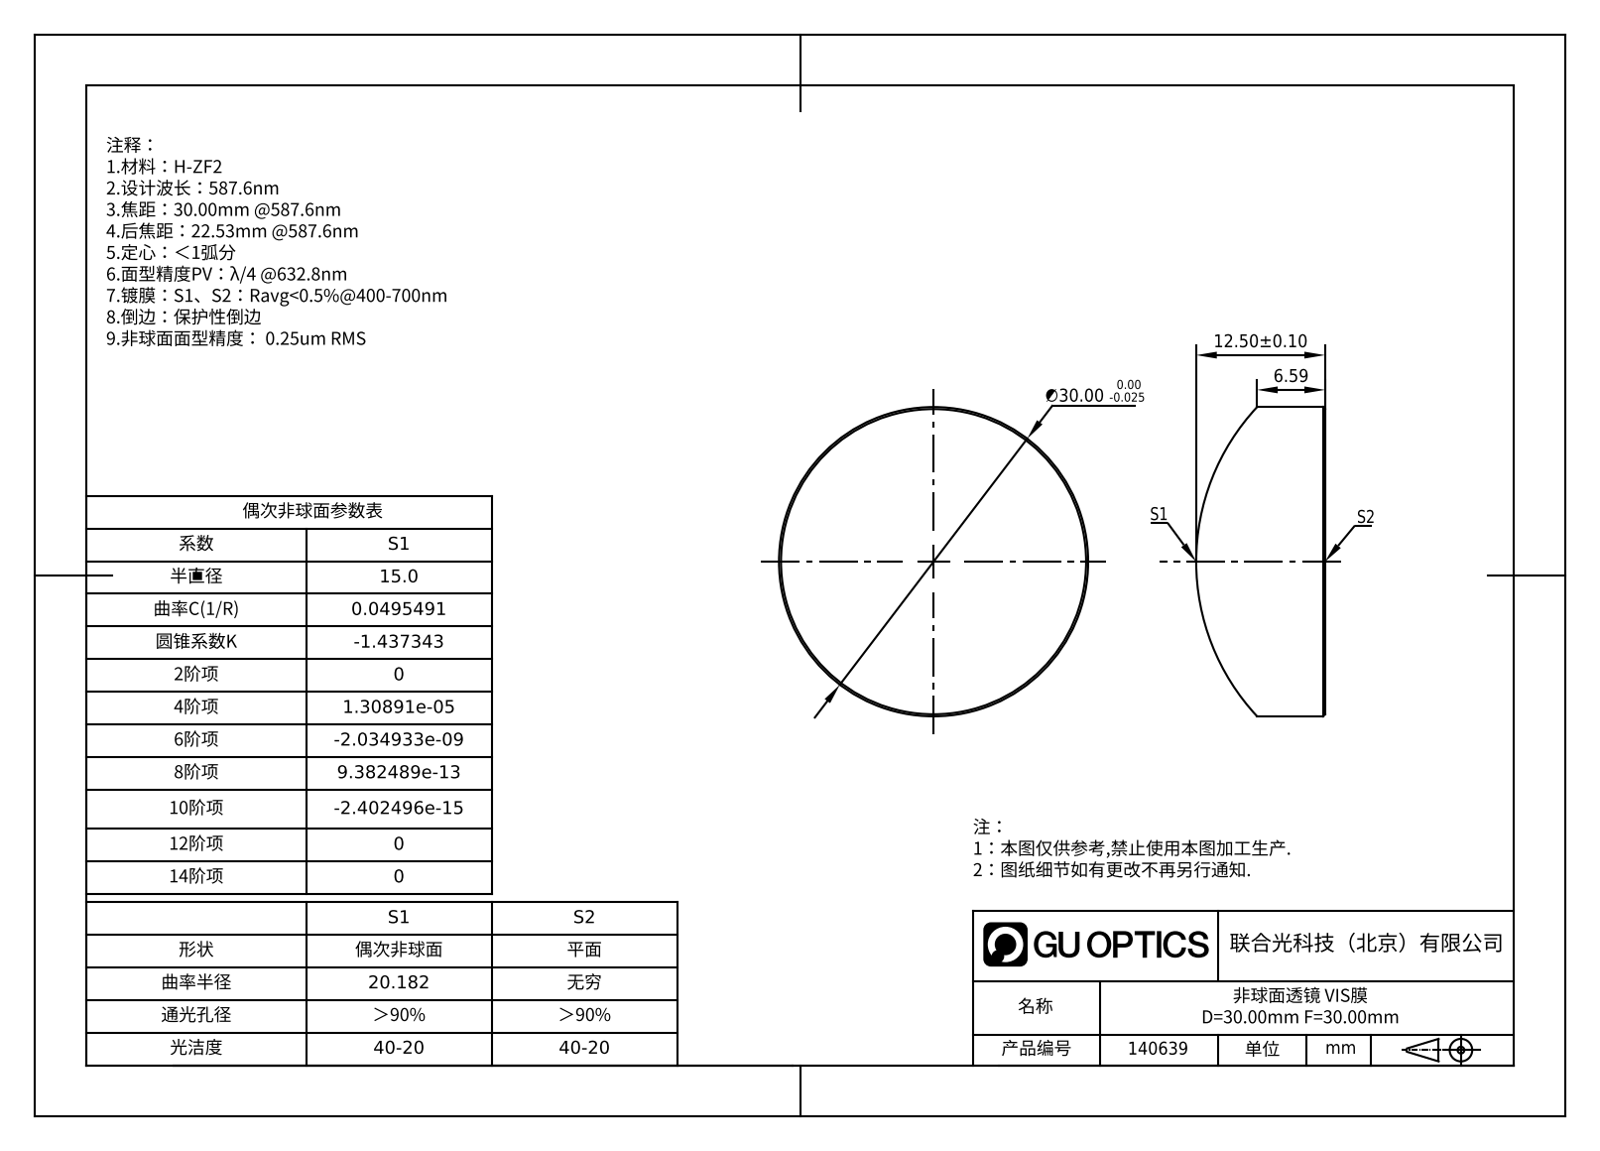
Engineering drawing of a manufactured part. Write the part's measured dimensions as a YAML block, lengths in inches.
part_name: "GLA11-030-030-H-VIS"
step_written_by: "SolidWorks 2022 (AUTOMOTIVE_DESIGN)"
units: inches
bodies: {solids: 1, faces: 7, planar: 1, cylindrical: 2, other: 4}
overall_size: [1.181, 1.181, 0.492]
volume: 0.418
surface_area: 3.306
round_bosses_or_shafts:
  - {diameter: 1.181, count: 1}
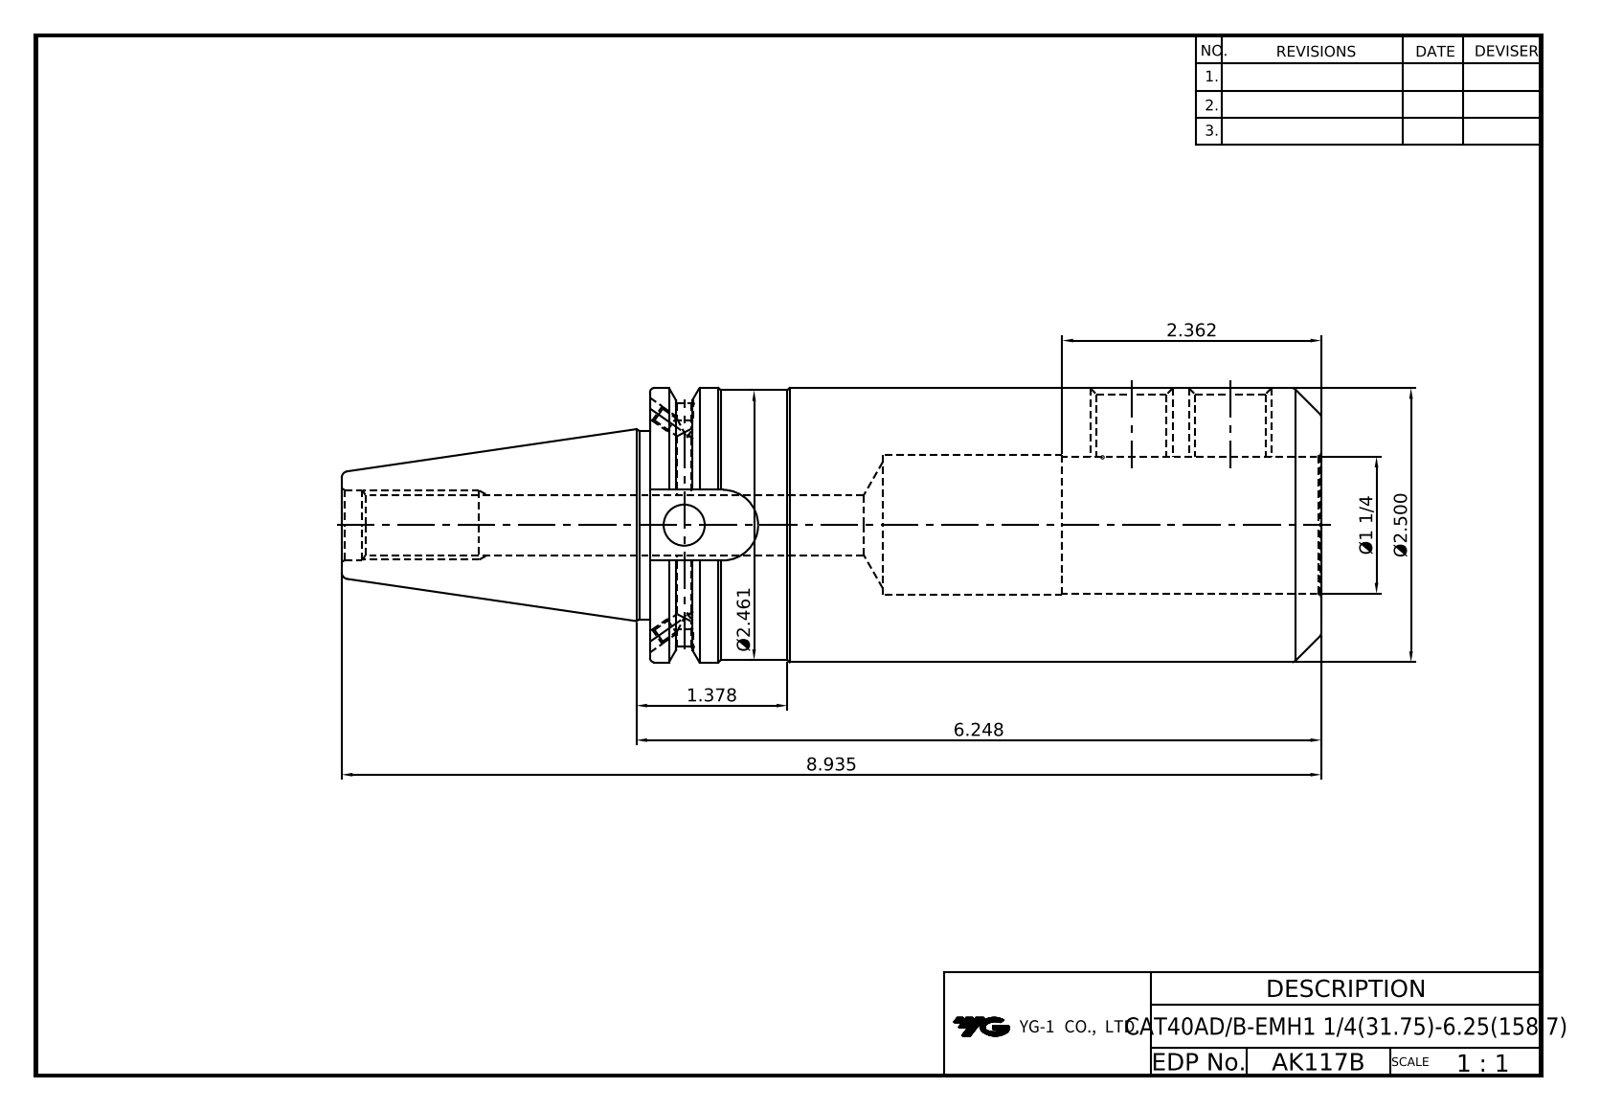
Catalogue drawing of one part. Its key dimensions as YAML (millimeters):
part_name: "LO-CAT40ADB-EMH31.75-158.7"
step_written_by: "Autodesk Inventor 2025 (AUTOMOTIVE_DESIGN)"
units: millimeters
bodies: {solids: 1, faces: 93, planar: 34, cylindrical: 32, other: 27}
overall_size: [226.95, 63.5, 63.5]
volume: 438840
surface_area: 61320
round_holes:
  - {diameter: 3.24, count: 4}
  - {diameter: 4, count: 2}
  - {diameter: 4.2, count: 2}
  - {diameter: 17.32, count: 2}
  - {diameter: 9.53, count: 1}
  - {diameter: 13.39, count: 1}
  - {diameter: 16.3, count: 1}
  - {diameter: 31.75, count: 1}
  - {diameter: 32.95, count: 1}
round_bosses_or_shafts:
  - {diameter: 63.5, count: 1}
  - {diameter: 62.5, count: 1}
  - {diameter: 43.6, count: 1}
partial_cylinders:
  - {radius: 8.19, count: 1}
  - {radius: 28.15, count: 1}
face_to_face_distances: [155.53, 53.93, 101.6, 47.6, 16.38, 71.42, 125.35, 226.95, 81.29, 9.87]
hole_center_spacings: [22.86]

• • • • • • •

Task item —
With "planar" as the string to find, copy every line of the records that holds it.

Solution to this task —
bodies: {solids: 1, faces: 7, planar: 1, cylindrical: 2, other: 4}
bodies: {solids: 1, faces: 93, planar: 34, cylindrical: 32, other: 27}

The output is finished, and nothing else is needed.